Rapid Response and Differential Response

As public expectations in policing have evolved, citizens expect the police to respond immediately when called; however, many calls that the police receive are civil matters and are not criminal in nature. Examples would be things like someone calling the police because a local fast food restaurant closed 30 minutes earlier than their website stated or because they aren’t happy with a haircut or manicure. One of the most common non-criminal calls is someone locking their keys in their car and need it unlocked right away so they will not be late to work or an appointment. Many agencies will not answer these types of calls because they are not matters for the police unless there is a child or pet locked inside the car.  If someone is not happy with a haircut, then their recourse is to file a lawsuit or complaint with the State Board and not a police report. Sometimes, it can be so busy in some cities that officers are answering calls back to back and cannot respond to non-emergencies right away, especially if they are not criminal in nature.  Because of these heavy call loads in many cities, there are some reports that will be taken by a desk officer over the phone, such as a report of a bicycle stolen from a carport while the residents were gone Out of town for the weekend.

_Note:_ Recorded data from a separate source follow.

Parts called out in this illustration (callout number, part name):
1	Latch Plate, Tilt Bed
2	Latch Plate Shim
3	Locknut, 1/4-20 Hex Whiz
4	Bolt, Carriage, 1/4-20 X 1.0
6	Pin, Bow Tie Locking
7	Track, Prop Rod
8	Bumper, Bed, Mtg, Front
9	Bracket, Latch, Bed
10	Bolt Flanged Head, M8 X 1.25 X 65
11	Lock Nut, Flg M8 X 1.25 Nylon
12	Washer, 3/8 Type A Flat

Dispatchers are often required to decide on the priority of a call and the type of response it gets.  Many citizens in a “crisis”, whether it is an actual emergency or not, may not understand that their situation is not an emergency.  This is due to the natural feeling that it is the most important thing going on in their life at the time.

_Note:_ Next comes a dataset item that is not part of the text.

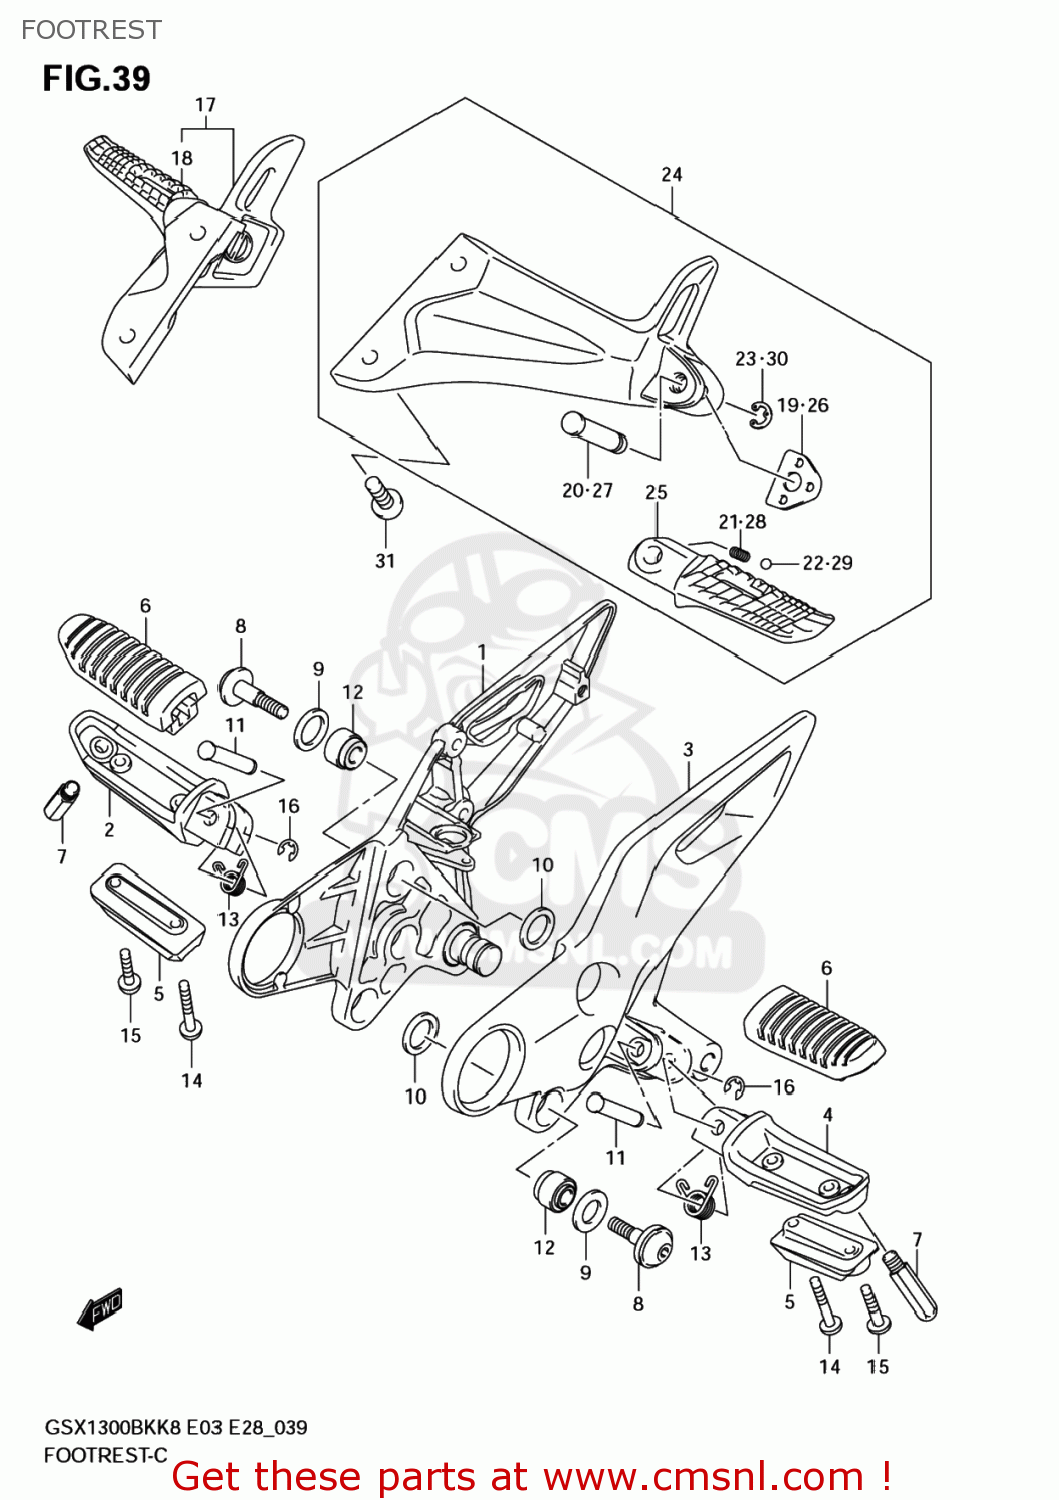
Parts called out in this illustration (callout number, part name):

Our chapter this week discusses “rapid response” and “differential response” to calls for service.  Given these options, how do you think citizens feel about differential response and having their call be put on low priority or, even worse, having their situation handled by someone over the phone with no response to the scene at all?  Do you think it makes the citizen feel better to at least be able to make a report by phone if an immediate response to the scene is not possible?  Or, do you think it should be part of law enforcement’s responsibilities to respond, in person, to every citizen’s call regardless of nature or seriousness?  Explain your response and assume you are the Chief or Sheriff when formulating your response.